About this exercise. All entries are to be quoted exactly; the images stay out of the copy.

Exercise input.
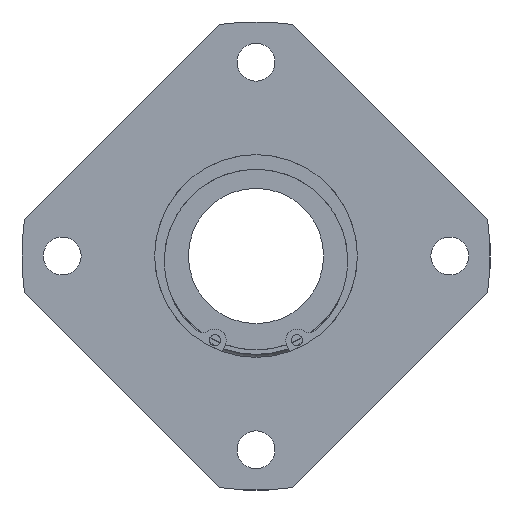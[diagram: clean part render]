
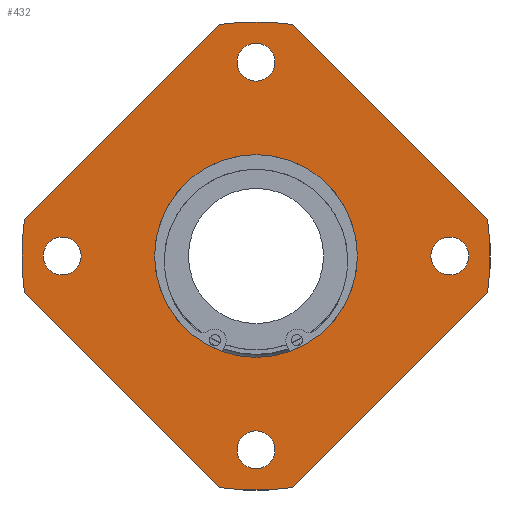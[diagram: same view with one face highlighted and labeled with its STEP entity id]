
A CAD part, left-side view. The second image highlights one B-rep face of the part: STEP entity #432.
In plain terms, the highlighted planar face has unit normal (-1, 0, 0).
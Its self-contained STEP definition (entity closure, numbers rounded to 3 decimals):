
#60=CARTESIAN_POINT('',(0.0,43.,-4.188));
#61=VERTEX_POINT('',#60);
#62=CARTESIAN_POINT('',(0.0,43.,0.));
#63=DIRECTION('',(1.0,0.0,0.0));
#64=DIRECTION('',(0.0,0.0,-1.0));
#65=AXIS2_PLACEMENT_3D('',#62,#63,#64);
#66=CIRCLE('',#65,4.188);
#67=EDGE_CURVE('',#61,#61,#66,.T.);
#88=CARTESIAN_POINT('',(0.0,-4.188,-43.));
#89=VERTEX_POINT('',#88);
#90=CARTESIAN_POINT('',(0.0,0.,-43.));
#91=DIRECTION('',(1.0,0.0,0.0));
#92=DIRECTION('',(0.0,-1.0,0.0));
#93=AXIS2_PLACEMENT_3D('',#90,#91,#92);
#94=CIRCLE('',#93,4.188);
#95=EDGE_CURVE('',#89,#89,#94,.T.);
#116=CARTESIAN_POINT('',(0.0,-43.,4.188));
#117=VERTEX_POINT('',#116);
#118=CARTESIAN_POINT('',(0.0,-43.,0.));
#119=DIRECTION('',(1.0,0.0,0.0));
#120=DIRECTION('',(0.0,0.0,1.0));
#121=AXIS2_PLACEMENT_3D('',#118,#119,#120);
#122=CIRCLE('',#121,4.188);
#123=EDGE_CURVE('',#117,#117,#122,.T.);
#144=CARTESIAN_POINT('',(0.0,4.188,43.));
#145=VERTEX_POINT('',#144);
#146=CARTESIAN_POINT('',(0.0,0.0,43.));
#147=DIRECTION('',(1.0,0.0,0.0));
#148=DIRECTION('',(0.0,1.0,0.0));
#149=AXIS2_PLACEMENT_3D('',#146,#147,#148);
#150=CIRCLE('',#149,4.188);
#151=EDGE_CURVE('',#145,#145,#150,.T.);
#171=CARTESIAN_POINT('',(0.0,8.019,-51.378));
#172=VERTEX_POINT('',#171);
#179=CARTESIAN_POINT('',(0.0,51.378,-8.019));
#180=VERTEX_POINT('',#179);
#181=CARTESIAN_POINT('',(0.0,51.378,-8.019));
#182=DIRECTION('',(0.0,-0.707,-0.707));
#183=VECTOR('',#182,61.319);
#184=LINE('',#181,#183);
#185=EDGE_CURVE('',#180,#172,#184,.T.);
#211=CARTESIAN_POINT('',(0.0,51.378,8.019));
#212=VERTEX_POINT('',#211);
#219=CARTESIAN_POINT('',(0.0,8.019,51.378));
#220=VERTEX_POINT('',#219);
#221=CARTESIAN_POINT('',(0.0,8.019,51.378));
#222=DIRECTION('',(0.0,0.707,-0.707));
#223=VECTOR('',#222,61.319);
#224=LINE('',#221,#223);
#225=EDGE_CURVE('',#220,#212,#224,.T.);
#251=CARTESIAN_POINT('',(0.0,-51.378,-8.019));
#252=VERTEX_POINT('',#251);
#259=CARTESIAN_POINT('',(0.0,-8.019,-51.378));
#260=VERTEX_POINT('',#259);
#261=CARTESIAN_POINT('',(0.0,-8.019,-51.378));
#262=DIRECTION('',(0.0,-0.707,0.707));
#263=VECTOR('',#262,61.319);
#264=LINE('',#261,#263);
#265=EDGE_CURVE('',#260,#252,#264,.T.);
#291=CARTESIAN_POINT('',(0.0,-8.019,51.378));
#292=VERTEX_POINT('',#291);
#299=CARTESIAN_POINT('',(0.0,-51.378,8.019));
#300=VERTEX_POINT('',#299);
#301=CARTESIAN_POINT('',(0.0,-51.378,8.019));
#302=DIRECTION('',(0.0,0.707,0.707));
#303=VECTOR('',#302,61.319);
#304=LINE('',#301,#303);
#305=EDGE_CURVE('',#300,#292,#304,.T.);
#330=CARTESIAN_POINT('',(0.0,0.0,0.0));
#331=DIRECTION('',(-1.0,0.0,0.0));
#332=DIRECTION('',(0.0,0.0,1.0));
#333=AXIS2_PLACEMENT_3D('',#330,#331,#332);
#334=CIRCLE('',#333,52.0);
#335=EDGE_CURVE('',#252,#300,#334,.T.);
#354=CARTESIAN_POINT('',(0.0,0.0,0.0));
#355=DIRECTION('',(-1.0,0.0,0.0));
#356=DIRECTION('',(0.0,0.0,1.0));
#357=AXIS2_PLACEMENT_3D('',#354,#355,#356);
#358=CIRCLE('',#357,52.0);
#359=EDGE_CURVE('',#172,#260,#358,.T.);
#370=CARTESIAN_POINT('',(0.0,0.0,0.0));
#371=DIRECTION('',(-1.0,0.0,0.0));
#372=DIRECTION('',(0.0,0.0,1.0));
#373=AXIS2_PLACEMENT_3D('',#370,#371,#372);
#374=CIRCLE('',#373,52.0);
#375=EDGE_CURVE('',#292,#220,#374,.T.);
#388=CARTESIAN_POINT('',(0.0,0.0,37.25));
#389=DIRECTION('',(-1.0,0.0,0.0));
#390=DIRECTION('',(0.0,0.0,1.0));
#391=AXIS2_PLACEMENT_3D('',#388,#389,#390);
#392=PLANE('',#391);
#393=ORIENTED_EDGE('',*,*,#185,.T.);
#394=ORIENTED_EDGE('',*,*,#359,.T.);
#395=ORIENTED_EDGE('',*,*,#265,.T.);
#396=ORIENTED_EDGE('',*,*,#335,.T.);
#397=ORIENTED_EDGE('',*,*,#305,.T.);
#398=ORIENTED_EDGE('',*,*,#375,.T.);
#399=ORIENTED_EDGE('',*,*,#225,.T.);
#400=CARTESIAN_POINT('',(0.0,0.0,0.0));
#401=DIRECTION('',(-1.0,0.0,0.0));
#402=DIRECTION('',(0.0,0.0,1.0));
#403=AXIS2_PLACEMENT_3D('',#400,#401,#402);
#404=CIRCLE('',#403,52.0);
#405=EDGE_CURVE('',#212,#180,#404,.T.);
#406=ORIENTED_EDGE('',*,*,#405,.T.);
#407=EDGE_LOOP('',(#393,#394,#395,#396,#397,#398,#399,#406));
#408=FACE_OUTER_BOUND('',#407,.T.);
#409=ORIENTED_EDGE('',*,*,#67,.T.);
#410=EDGE_LOOP('',(#409));
#411=FACE_BOUND('',#410,.T.);
#412=ORIENTED_EDGE('',*,*,#95,.T.);
#413=EDGE_LOOP('',(#412));
#414=FACE_BOUND('',#413,.T.);
#415=ORIENTED_EDGE('',*,*,#123,.T.);
#416=EDGE_LOOP('',(#415));
#417=FACE_BOUND('',#416,.T.);
#418=ORIENTED_EDGE('',*,*,#151,.T.);
#419=EDGE_LOOP('',(#418));
#420=FACE_BOUND('',#419,.T.);
#421=CARTESIAN_POINT('',(0.0,0.0,22.5));
#422=VERTEX_POINT('',#421);
#423=CARTESIAN_POINT('',(0.0,0.0,0.0));
#424=DIRECTION('',(-1.0,0.0,0.0));
#425=DIRECTION('',(0.0,0.0,1.0));
#426=AXIS2_PLACEMENT_3D('',#423,#424,#425);
#427=CIRCLE('',#426,22.5);
#428=EDGE_CURVE('',#422,#422,#427,.T.);
#429=ORIENTED_EDGE('',*,*,#428,.F.);
#430=EDGE_LOOP('',(#429));
#431=FACE_BOUND('',#430,.T.);
#432=ADVANCED_FACE('',(#408,#411,#414,#417,#420,#431),#392,.T.);

Result of the task.
[diagram: clean part render]
[diagram: same view with one face highlighted and labeled with its STEP entity id]
A CAD part, left-side view. The second image highlights one B-rep face of the part: STEP entity #432.
In plain terms, the highlighted planar face has unit normal (-1, 0, 0).
Its self-contained STEP definition (entity closure, numbers rounded to 3 decimals):
#60=CARTESIAN_POINT('',(0.0,43.,-4.188));
#61=VERTEX_POINT('',#60);
#62=CARTESIAN_POINT('',(0.0,43.,0.));
#63=DIRECTION('',(1.0,0.0,0.0));
#64=DIRECTION('',(0.0,0.0,-1.0));
#65=AXIS2_PLACEMENT_3D('',#62,#63,#64);
#66=CIRCLE('',#65,4.188);
#67=EDGE_CURVE('',#61,#61,#66,.T.);
#88=CARTESIAN_POINT('',(0.0,-4.188,-43.));
#89=VERTEX_POINT('',#88);
#90=CARTESIAN_POINT('',(0.0,0.,-43.));
#91=DIRECTION('',(1.0,0.0,0.0));
#92=DIRECTION('',(0.0,-1.0,0.0));
#93=AXIS2_PLACEMENT_3D('',#90,#91,#92);
#94=CIRCLE('',#93,4.188);
#95=EDGE_CURVE('',#89,#89,#94,.T.);
#116=CARTESIAN_POINT('',(0.0,-43.,4.188));
#117=VERTEX_POINT('',#116);
#118=CARTESIAN_POINT('',(0.0,-43.,0.));
#119=DIRECTION('',(1.0,0.0,0.0));
#120=DIRECTION('',(0.0,0.0,1.0));
#121=AXIS2_PLACEMENT_3D('',#118,#119,#120);
#122=CIRCLE('',#121,4.188);
#123=EDGE_CURVE('',#117,#117,#122,.T.);
#144=CARTESIAN_POINT('',(0.0,4.188,43.));
#145=VERTEX_POINT('',#144);
#146=CARTESIAN_POINT('',(0.0,0.0,43.));
#147=DIRECTION('',(1.0,0.0,0.0));
#148=DIRECTION('',(0.0,1.0,0.0));
#149=AXIS2_PLACEMENT_3D('',#146,#147,#148);
#150=CIRCLE('',#149,4.188);
#151=EDGE_CURVE('',#145,#145,#150,.T.);
#171=CARTESIAN_POINT('',(0.0,8.019,-51.378));
#172=VERTEX_POINT('',#171);
#179=CARTESIAN_POINT('',(0.0,51.378,-8.019));
#180=VERTEX_POINT('',#179);
#181=CARTESIAN_POINT('',(0.0,51.378,-8.019));
#182=DIRECTION('',(0.0,-0.707,-0.707));
#183=VECTOR('',#182,61.319);
#184=LINE('',#181,#183);
#185=EDGE_CURVE('',#180,#172,#184,.T.);
#211=CARTESIAN_POINT('',(0.0,51.378,8.019));
#212=VERTEX_POINT('',#211);
#219=CARTESIAN_POINT('',(0.0,8.019,51.378));
#220=VERTEX_POINT('',#219);
#221=CARTESIAN_POINT('',(0.0,8.019,51.378));
#222=DIRECTION('',(0.0,0.707,-0.707));
#223=VECTOR('',#222,61.319);
#224=LINE('',#221,#223);
#225=EDGE_CURVE('',#220,#212,#224,.T.);
#251=CARTESIAN_POINT('',(0.0,-51.378,-8.019));
#252=VERTEX_POINT('',#251);
#259=CARTESIAN_POINT('',(0.0,-8.019,-51.378));
#260=VERTEX_POINT('',#259);
#261=CARTESIAN_POINT('',(0.0,-8.019,-51.378));
#262=DIRECTION('',(0.0,-0.707,0.707));
#263=VECTOR('',#262,61.319);
#264=LINE('',#261,#263);
#265=EDGE_CURVE('',#260,#252,#264,.T.);
#291=CARTESIAN_POINT('',(0.0,-8.019,51.378));
#292=VERTEX_POINT('',#291);
#299=CARTESIAN_POINT('',(0.0,-51.378,8.019));
#300=VERTEX_POINT('',#299);
#301=CARTESIAN_POINT('',(0.0,-51.378,8.019));
#302=DIRECTION('',(0.0,0.707,0.707));
#303=VECTOR('',#302,61.319);
#304=LINE('',#301,#303);
#305=EDGE_CURVE('',#300,#292,#304,.T.);
#330=CARTESIAN_POINT('',(0.0,0.0,0.0));
#331=DIRECTION('',(-1.0,0.0,0.0));
#332=DIRECTION('',(0.0,0.0,1.0));
#333=AXIS2_PLACEMENT_3D('',#330,#331,#332);
#334=CIRCLE('',#333,52.0);
#335=EDGE_CURVE('',#252,#300,#334,.T.);
#354=CARTESIAN_POINT('',(0.0,0.0,0.0));
#355=DIRECTION('',(-1.0,0.0,0.0));
#356=DIRECTION('',(0.0,0.0,1.0));
#357=AXIS2_PLACEMENT_3D('',#354,#355,#356);
#358=CIRCLE('',#357,52.0);
#359=EDGE_CURVE('',#172,#260,#358,.T.);
#370=CARTESIAN_POINT('',(0.0,0.0,0.0));
#371=DIRECTION('',(-1.0,0.0,0.0));
#372=DIRECTION('',(0.0,0.0,1.0));
#373=AXIS2_PLACEMENT_3D('',#370,#371,#372);
#374=CIRCLE('',#373,52.0);
#375=EDGE_CURVE('',#292,#220,#374,.T.);
#388=CARTESIAN_POINT('',(0.0,0.0,37.25));
#389=DIRECTION('',(-1.0,0.0,0.0));
#390=DIRECTION('',(0.0,0.0,1.0));
#391=AXIS2_PLACEMENT_3D('',#388,#389,#390);
#392=PLANE('',#391);
#393=ORIENTED_EDGE('',*,*,#185,.T.);
#394=ORIENTED_EDGE('',*,*,#359,.T.);
#395=ORIENTED_EDGE('',*,*,#265,.T.);
#396=ORIENTED_EDGE('',*,*,#335,.T.);
#397=ORIENTED_EDGE('',*,*,#305,.T.);
#398=ORIENTED_EDGE('',*,*,#375,.T.);
#399=ORIENTED_EDGE('',*,*,#225,.T.);
#400=CARTESIAN_POINT('',(0.0,0.0,0.0));
#401=DIRECTION('',(-1.0,0.0,0.0));
#402=DIRECTION('',(0.0,0.0,1.0));
#403=AXIS2_PLACEMENT_3D('',#400,#401,#402);
#404=CIRCLE('',#403,52.0);
#405=EDGE_CURVE('',#212,#180,#404,.T.);
#406=ORIENTED_EDGE('',*,*,#405,.T.);
#407=EDGE_LOOP('',(#393,#394,#395,#396,#397,#398,#399,#406));
#408=FACE_OUTER_BOUND('',#407,.T.);
#409=ORIENTED_EDGE('',*,*,#67,.T.);
#410=EDGE_LOOP('',(#409));
#411=FACE_BOUND('',#410,.T.);
#412=ORIENTED_EDGE('',*,*,#95,.T.);
#413=EDGE_LOOP('',(#412));
#414=FACE_BOUND('',#413,.T.);
#415=ORIENTED_EDGE('',*,*,#123,.T.);
#416=EDGE_LOOP('',(#415));
#417=FACE_BOUND('',#416,.T.);
#418=ORIENTED_EDGE('',*,*,#151,.T.);
#419=EDGE_LOOP('',(#418));
#420=FACE_BOUND('',#419,.T.);
#421=CARTESIAN_POINT('',(0.0,0.0,22.5));
#422=VERTEX_POINT('',#421);
#423=CARTESIAN_POINT('',(0.0,0.0,0.0));
#424=DIRECTION('',(-1.0,0.0,0.0));
#425=DIRECTION('',(0.0,0.0,1.0));
#426=AXIS2_PLACEMENT_3D('',#423,#424,#425);
#427=CIRCLE('',#426,22.5);
#428=EDGE_CURVE('',#422,#422,#427,.T.);
#429=ORIENTED_EDGE('',*,*,#428,.F.);
#430=EDGE_LOOP('',(#429));
#431=FACE_BOUND('',#430,.T.);
#432=ADVANCED_FACE('',(#408,#411,#414,#417,#420,#431),#392,.T.);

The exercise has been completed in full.